🤖 AI Summary
In continual learning, models suffer from catastrophic forgetting—degrading performance on previously learned tasks—while existing eXplainable AI (XAI) methods often rely on post-hoc explanations or memory-intensive exemplar replay, limiting scalability. To address this, we propose an exemplar-free self-explaining prototype network: it employs class prototypes as inherently interpretable representations, jointly optimizing prototype dynamics and similarity-based classification via end-to-end gradient descent. Explanations are generated intrinsically during inference, without storing historical samples or auxiliary memory modules. Our approach achieves state-of-the-art performance under both task-incremental and class-incremental settings, significantly outperforming prior exemplar-free self-explaining methods. It reduces memory overhead by an order of magnitude while uniquely unifying high interpretability, robust knowledge retention, and low resource consumption.
📝 Abstract
Continual learning constrains models to learn new tasks over time without forgetting what they have already learned.
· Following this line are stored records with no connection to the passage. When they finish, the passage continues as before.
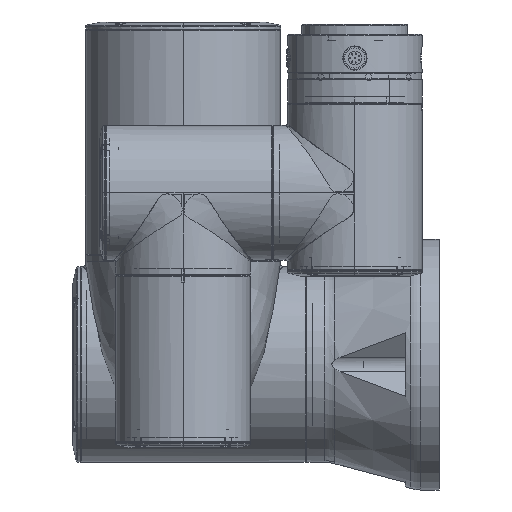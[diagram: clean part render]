
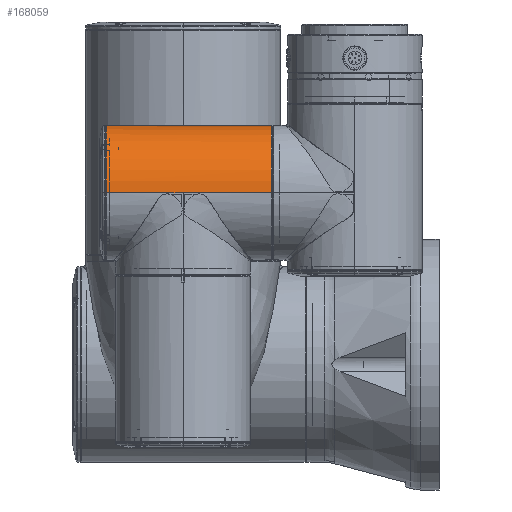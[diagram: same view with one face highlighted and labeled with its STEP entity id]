
A CAD part, left-side view. The second image highlights one B-rep face of the part: STEP entity #168059.
In plain terms, the highlighted cylindrical face has radius 40 mm (diameter 80 mm), a partial arc.
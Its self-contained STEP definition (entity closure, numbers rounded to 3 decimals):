
#612 = VERTEX_POINT ( 'NONE', #97465 ) ;
#3189 = EDGE_CURVE ( 'NONE', #83224, #612, #32272, .T. ) ;
#3303 = ORIENTED_EDGE ( 'NONE', *, *, #3189, .F. ) ;
#6894 = CARTESIAN_POINT ( 'NONE',  ( -821.015, 103., 141.987 ) ) ;
#7837 = DIRECTION ( 'NONE',  ( 0., 1., 0. ) ) ;
#8958 = DIRECTION ( 'NONE',  ( 0., -1., 0. ) ) ;
#18035 = VERTEX_POINT ( 'NONE', #172707 ) ;
#19950 = CARTESIAN_POINT ( 'NONE',  ( -821.015, 99.502, 141.987 ) ) ;
#22031 = DIRECTION ( 'NONE',  ( 0., 1., 0. ) ) ;
#24056 = LINE ( 'NONE', #182589, #65347 ) ;
#25821 = AXIS2_PLACEMENT_3D ( 'NONE', #63839, #22031, #66389 ) ;
#26750 = CIRCLE ( 'NONE', #85516, 40. ) ;
#27568 = EDGE_CURVE ( 'NONE', #174542, #147259, #149268, .T. ) ;
#27699 = VECTOR ( 'NONE', #95353, 1000. ) ;
#28997 = DIRECTION ( 'NONE',  ( 0., -1., 0. ) ) ;
#31586 = ORIENTED_EDGE ( 'NONE', *, *, #113965, .T. ) ;
#32272 = LINE ( 'NONE', #51031, #27699 ) ;
#33982 = DIRECTION ( 'NONE',  ( -1., 0., 0. ) ) ;
#34415 = VECTOR ( 'NONE', #126978, 1000. ) ;
#35478 = AXIS2_PLACEMENT_3D ( 'NONE', #39167, #8958, #184990 ) ;
#37355 = AXIS2_PLACEMENT_3D ( 'NONE', #169112, #7837, #68228 ) ;
#39167 = CARTESIAN_POINT ( 'NONE',  ( -820.01, 197.498, 102. ) ) ;
#40794 = CARTESIAN_POINT ( 'NONE',  ( -820.01, 99., 102. ) ) ;
#51031 = CARTESIAN_POINT ( 'NONE',  ( -860.01, 99., 102. ) ) ;
#54108 = LINE ( 'NONE', #77360, #173515 ) ;
#54472 = VERTEX_POINT ( 'NONE', #143437 ) ;
#54953 = CYLINDRICAL_SURFACE ( 'NONE', #137496, 40. ) ;
#56929 = ORIENTED_EDGE ( 'NONE', *, *, #95100, .T. ) ;
#63839 = CARTESIAN_POINT ( 'NONE',  ( -820.01, 99.502, 102. ) ) ;
#65347 = VECTOR ( 'NONE', #138272, 1000. ) ;
#66389 = DIRECTION ( 'NONE',  ( -1., 0., 0. ) ) ;
#68228 = DIRECTION ( 'NONE',  ( -1., 0., 0. ) ) ;
#72354 = VERTEX_POINT ( 'NONE', #19950 ) ;
#74881 = AXIS2_PLACEMENT_3D ( 'NONE', #102230, #28997, #33982 ) ;
#77360 = CARTESIAN_POINT ( 'NONE',  ( -819.005, 99., 141.987 ) ) ;
#81760 = ORIENTED_EDGE ( 'NONE', *, *, #90147, .T. ) ;
#82091 = ORIENTED_EDGE ( 'NONE', *, *, #160626, .T. ) ;
#83224 = VERTEX_POINT ( 'NONE', #110461 ) ;
#83393 = ORIENTED_EDGE ( 'NONE', *, *, #131845, .F. ) ;
#83421 = CARTESIAN_POINT ( 'NONE',  ( -820.01, 197.498, 102. ) ) ;
#83913 = DIRECTION ( 'NONE',  ( 0., 1., 0. ) ) ;
#85239 = CARTESIAN_POINT ( 'NONE',  ( -780.01, 99., 102. ) ) ;
#85516 = AXIS2_PLACEMENT_3D ( 'NONE', #83421, #111700, #172053 ) ;
#86044 = ORIENTED_EDGE ( 'NONE', *, *, #144621, .T. ) ;
#86490 = VECTOR ( 'NONE', #141231, 1000. ) ;
#87029 = ORIENTED_EDGE ( 'NONE', *, *, #131239, .F. ) ;
#87779 = VERTEX_POINT ( 'NONE', #188566 ) ;
#90147 = EDGE_CURVE ( 'NONE', #18035, #174542, #139844, .T. ) ;
#95100 = EDGE_CURVE ( 'NONE', #72354, #178088, #96230, .T. ) ;
#95353 = DIRECTION ( 'NONE',  ( 0., 1., 0. ) ) ;
#96230 = LINE ( 'NONE', #128919, #155862 ) ;
#97465 = CARTESIAN_POINT ( 'NONE',  ( -860.01, 197.498, 102. ) ) ;
#100316 = LINE ( 'NONE', #170132, #86490 ) ;
#100321 = ORIENTED_EDGE ( 'NONE', *, *, #133272, .T. ) ;
#102230 = CARTESIAN_POINT ( 'NONE',  ( -820.01, 103., 102. ) ) ;
#102968 = VERTEX_POINT ( 'NONE', #188105 ) ;
#107529 = DIRECTION ( 'NONE',  ( 0., -1., 0. ) ) ;
#107628 = ORIENTED_EDGE ( 'NONE', *, *, #121250, .T. ) ;
#108951 = CIRCLE ( 'NONE', #74881, 40. ) ;
#110461 = CARTESIAN_POINT ( 'NONE',  ( -860.01, 152., 102. ) ) ;
#111700 = DIRECTION ( 'NONE',  ( 0., -1., 0. ) ) ;
#112778 = DIRECTION ( 'NONE',  ( -1., 0., 0. ) ) ;
#113965 = EDGE_CURVE ( 'NONE', #54472, #72354, #173764, .T. ) ;
#114415 = ORIENTED_EDGE ( 'NONE', *, *, #27568, .T. ) ;
#121250 = EDGE_CURVE ( 'NONE', #102968, #18035, #54108, .T. ) ;
#123840 = FACE_OUTER_BOUND ( 'NONE', #145596, .T. ) ;
#125552 = CARTESIAN_POINT ( 'NONE',  ( -780.01, 197.498, 102. ) ) ;
#126978 = DIRECTION ( 'NONE',  ( 0., 1., 0. ) ) ;
#127043 = CIRCLE ( 'NONE', #35478, 40. ) ;
#128868 = DIRECTION ( 'NONE',  ( 0., 1., 0. ) ) ;
#128919 = CARTESIAN_POINT ( 'NONE',  ( -821.015, 99., 141.987 ) ) ;
#131239 = EDGE_CURVE ( 'NONE', #54472, #83224, #24056, .T. ) ;
#131845 = EDGE_CURVE ( 'NONE', #102968, #178088, #108951, .T. ) ;
#132483 = CARTESIAN_POINT ( 'NONE',  ( -780.01, 99.502, 102. ) ) ;
#133272 = EDGE_CURVE ( 'NONE', #87779, #612, #127043, .T. ) ;
#137001 = VERTEX_POINT ( 'NONE', #125552 ) ;
#137496 = AXIS2_PLACEMENT_3D ( 'NONE', #40794, #128868, #112778 ) ;
#138272 = DIRECTION ( 'NONE',  ( 0., 1., 0. ) ) ;
#139187 = CARTESIAN_POINT ( 'NONE',  ( -780.01, 152., 102. ) ) ;
#139844 = CIRCLE ( 'NONE', #25821, 40. ) ;
#141231 = DIRECTION ( 'NONE',  ( 0., 1., 0. ) ) ;
#143437 = CARTESIAN_POINT ( 'NONE',  ( -860.01, 99.502, 102. ) ) ;
#144621 = EDGE_CURVE ( 'NONE', #147259, #137001, #100316, .T. ) ;
#145596 = EDGE_LOOP ( 'NONE', ( #81760, #114415, #86044, #82091, #100321, #3303, #87029, #31586, #56929, #83393, #107628 ) ) ;
#147259 = VERTEX_POINT ( 'NONE', #139187 ) ;
#149268 = LINE ( 'NONE', #85239, #34415 ) ;
#155862 = VECTOR ( 'NONE', #83913, 1000. ) ;
#160626 = EDGE_CURVE ( 'NONE', #137001, #87779, #26750, .T. ) ;
#168059 = ADVANCED_FACE ( 'NONE', ( #123840 ), #54953, .T. ) ;
#169112 = CARTESIAN_POINT ( 'NONE',  ( -820.01, 99.502, 102. ) ) ;
#170132 = CARTESIAN_POINT ( 'NONE',  ( -780.01, 99., 102. ) ) ;
#172053 = DIRECTION ( 'NONE',  ( -1., 0., 0. ) ) ;
#172707 = CARTESIAN_POINT ( 'NONE',  ( -819.005, 99.502, 141.987 ) ) ;
#173515 = VECTOR ( 'NONE', #107529, 1000. ) ;
#173764 = CIRCLE ( 'NONE', #37355, 40. ) ;
#174542 = VERTEX_POINT ( 'NONE', #132483 ) ;
#178088 = VERTEX_POINT ( 'NONE', #6894 ) ;
#182589 = CARTESIAN_POINT ( 'NONE',  ( -860.01, 99., 102. ) ) ;
#184990 = DIRECTION ( 'NONE',  ( -1., 0., 0. ) ) ;
#188105 = CARTESIAN_POINT ( 'NONE',  ( -819.005, 103., 141.987 ) ) ;
#188566 = CARTESIAN_POINT ( 'NONE',  ( -820.01, 197.498, 142. ) ) ;

A key challenge in this setting is catastrophic forgetting, where learning new information causes the model to lose its performance on previous tasks. Recently, explainable AI has been proposed as a promising way to better understand and reduce forgetting. In particular, self-explainable models are useful because they generate explanations during prediction, which can help preserve knowledge. However, most existing explainable approaches use post-hoc explanations or require additional memory for each new task, resulting in limited scalability. In this work, we introduce CIP-Net, an exemplar-free self-explainable prototype-based model designed for continual learning. CIP-Net avoids storing past examples and maintains a simple architecture, while still providing useful explanations and strong performance. We demonstrate that CIPNet achieves state-of-the-art performances compared to previous exemplar-free and self-explainable methods in both task- and class-incremental settings, while bearing significantly lower memory-related overhead. This makes it a practical and interpretable solution for continual learning.